At the same time, I was inwardly motivated to keep going and if I had really realized what was happening....well, I don't actually know the answer to that because the pain was all I could deal with. To get physically calm was impossible. To realize I wasn't able to be physically calm would've been too much.

I decided early on that the car accident was not going to define me - basically that it was not going to win. I simply was not going to stay living that way, was not going to get depressed, and was not going to get addicted to pain pills. I have to admit that being stubborn and overly optimistic helped.

At the same time, it can be overwhelming if you stop moving.

Still now, when the pain returns and becomes too much I end up laying on the couch or in bed just feeling the physical pain. Well, I can tell you that is an impossible life. The couple of years that I slept up to 16 hours in the day have showed me how exhausting chronic pain can be. Life was too overstimulating. Things you used to be interested in aren't interesting anymore because you learn to gauge what is fun by how much pain it's going to cause you. My brain, spirit, heart needed to rest but then you wonder if you're flirting with depression because all you want to do is lay around and sleep.

Mentally, I've had the vision of me "being me" doing "what I do" for years with no evidence that is was ever going to come back. I learned not to tell very many people about it because the hardest thing to deal with some days is other people's definitions of who they think you are - especially when you're working so hard to not succumb to that very definition.

I also stopped seeing myself in the mirror 10 years ago. Of course my body changed and my ability to get stronger was continually thwarted by injury caused by muscle atrophy and the impact of scar tissue, amongst other things.

It's a strange lifestyle. I wish I would have known that it was a lifestyle built for healing. I wish I would've known the difference between a road to depression and what was involved in healing and "fighting the fight". In some ways, it was my road to success and I never knew it. Some days pure instinct drove me to learn how to live.

So now I relearn what it means to be physically calm.

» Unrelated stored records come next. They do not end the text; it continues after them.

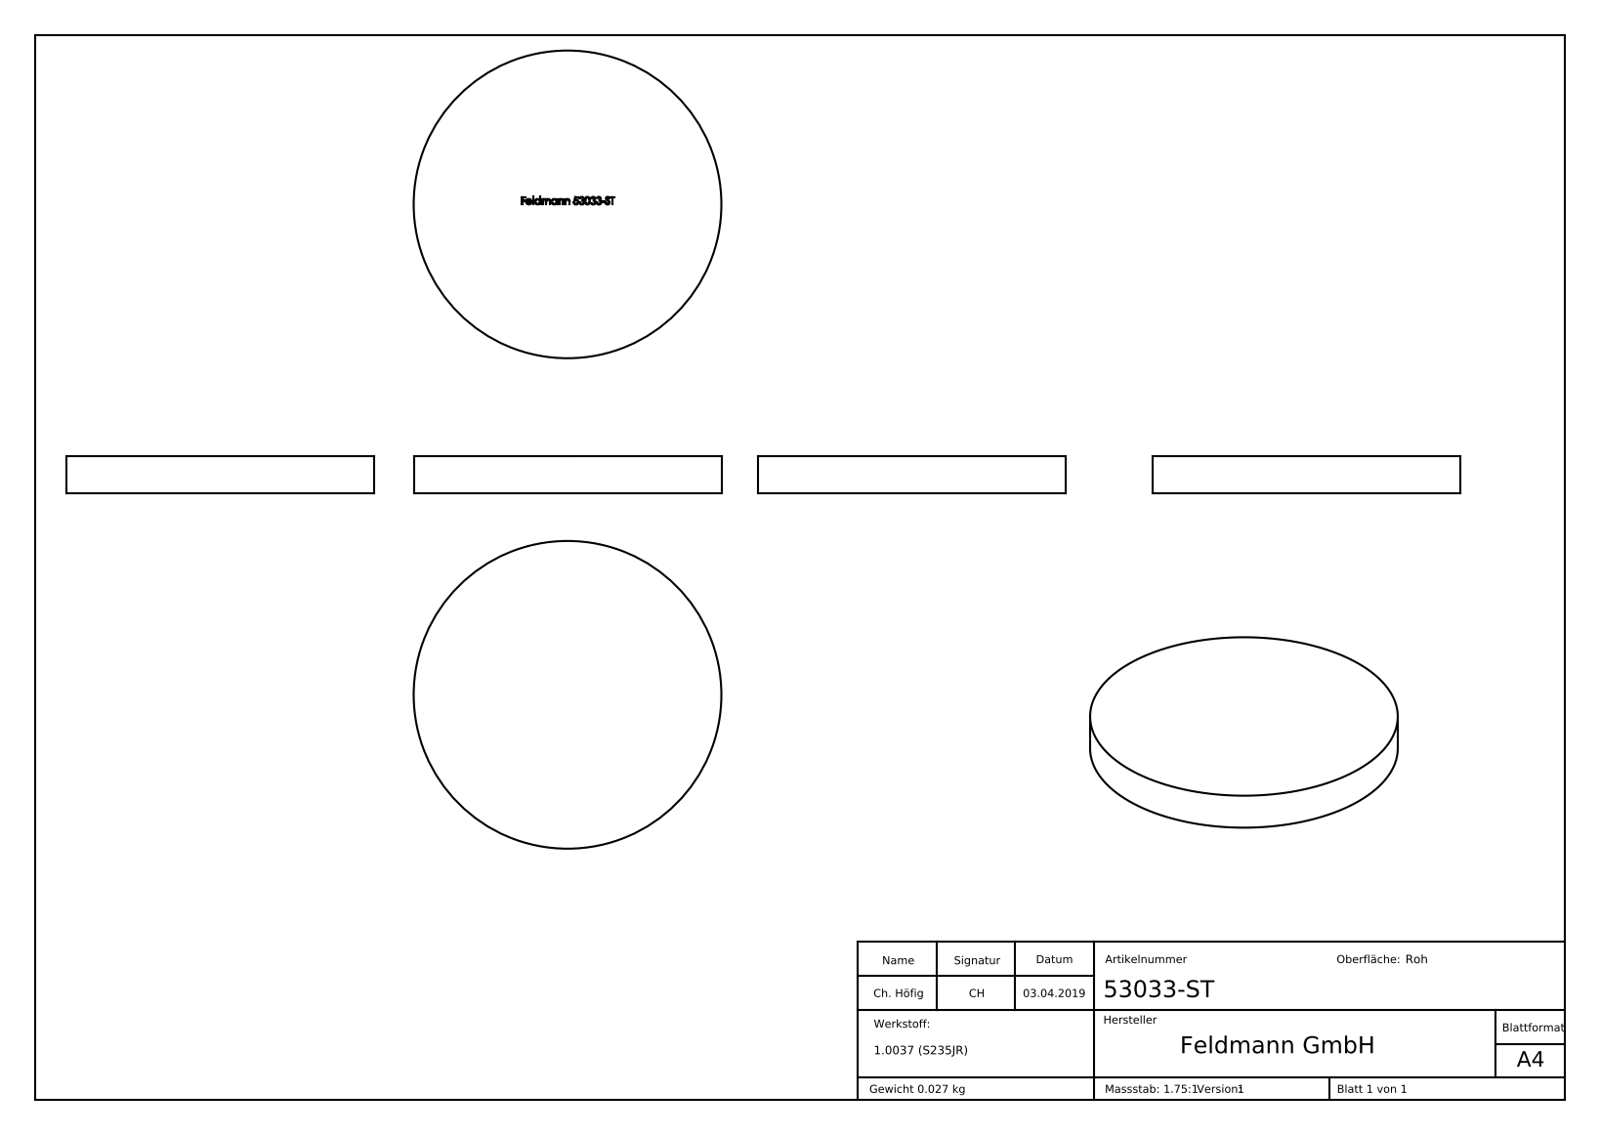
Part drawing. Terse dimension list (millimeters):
name: 53033-ST
written by: SolidWorks 2015 (CONFIG_CONTROL_DESIGN)
unit: mm
bodies: 1 solid, 229 faces (105 planar, 2 cylindrical, 122 other)
size: 33 × 33 × 4
volume: 3 421 mm³; area: 2 131 mm²
bosses: 1× ⌀33
face distances: 4, 3.9, 0.44, 0.99, 1.78, 0.67, 0.79, 1.21, 8.49, 9.7

It seems my body needs to do this slowly. If I change too much too quickly, the difference in how I feel, what I can do, etc. is too intense and overwhelming. My body will "forget" over time how to live injured and for this miracle I will be forever grateful - even if I forget that that's what I'm actually grateful for.

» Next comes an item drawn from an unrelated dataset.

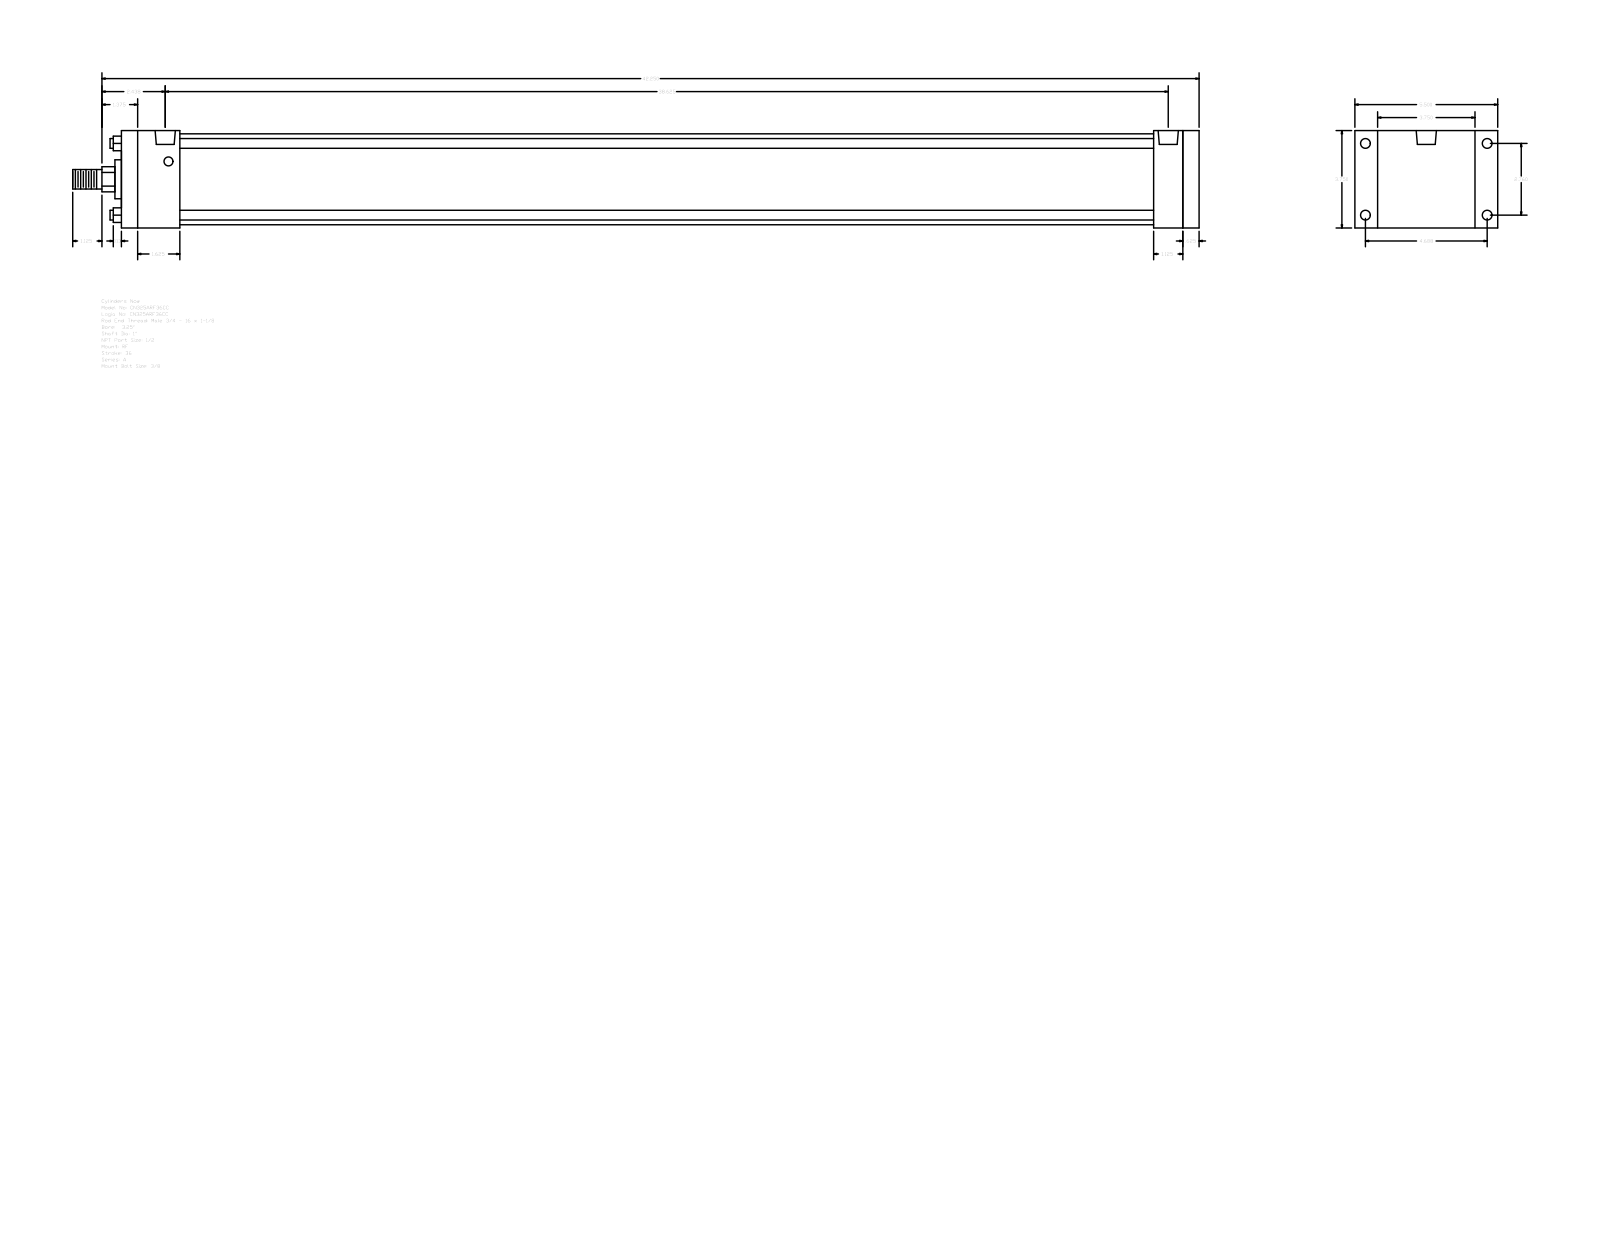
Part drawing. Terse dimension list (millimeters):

If someone is reading this with chronic pain, I hope it's helpful for you to hear my story.

Saturday, March 6, 2010

Day 6

Not much to report today. Did do a 1.5 hour hike in a regional park today for my slow, long Saturday workout. It's been good because I changed my weight lifting to 4 days of upper or lower and 1 day of a full body lift. That way I have two days off a week and more variety in the workouts. So far it's been good to look forward to different types of workouts each day.

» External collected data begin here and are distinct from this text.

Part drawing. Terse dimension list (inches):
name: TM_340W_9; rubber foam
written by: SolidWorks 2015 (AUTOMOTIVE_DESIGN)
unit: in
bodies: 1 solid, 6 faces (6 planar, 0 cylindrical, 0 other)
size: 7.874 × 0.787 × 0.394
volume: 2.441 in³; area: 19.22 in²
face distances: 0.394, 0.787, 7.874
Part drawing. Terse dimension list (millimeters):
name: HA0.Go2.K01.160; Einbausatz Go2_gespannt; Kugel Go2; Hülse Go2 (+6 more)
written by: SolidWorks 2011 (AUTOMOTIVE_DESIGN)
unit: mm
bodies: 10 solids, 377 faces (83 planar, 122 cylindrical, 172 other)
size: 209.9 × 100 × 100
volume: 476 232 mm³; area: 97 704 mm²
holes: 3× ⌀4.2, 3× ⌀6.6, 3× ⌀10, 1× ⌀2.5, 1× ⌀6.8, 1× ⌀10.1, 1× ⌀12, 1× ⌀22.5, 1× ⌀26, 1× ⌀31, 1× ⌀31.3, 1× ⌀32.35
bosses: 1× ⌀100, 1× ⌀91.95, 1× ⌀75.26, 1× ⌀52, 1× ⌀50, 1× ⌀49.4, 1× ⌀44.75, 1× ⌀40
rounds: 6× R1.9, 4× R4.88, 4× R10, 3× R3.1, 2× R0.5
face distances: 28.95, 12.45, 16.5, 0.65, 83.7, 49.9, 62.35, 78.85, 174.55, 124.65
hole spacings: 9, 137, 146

Trying to simply be patient about the fatigue factor - knowing that it's a temporary thing is helping. I'm guessing a maximum of two months......

Friday, March 5, 2010

Day 5

Today is a short, quick workout day, which is great because my body is telling me it's the middle of the night! You know that sort of hazy, confused feeling when you're up at 1a.m. knowing you should be sleeping but can't? Yeah, that's what having a confused Circadian Rhythm feels like from 3-5 p.m. 

Nonetheless, I've stayed with the workout plan for this week but was not able to clean up the food intake very much. The pain and fatigue from this week added an unexpected burden. Even so, I did notice I wasn't as hungry as I usually am considering the workouts I'm doing, so that means the stress level is better! I'm sure that changing the time I leave work and workout is starting to reap the benefit of the rest I'm able to have after the workouts. 

I did send in the adrenal hormone test on Tuesday and am waiting patiently for the results! 

So, the sleepy fog feeling is lifting and I'm off to my Friday training workout!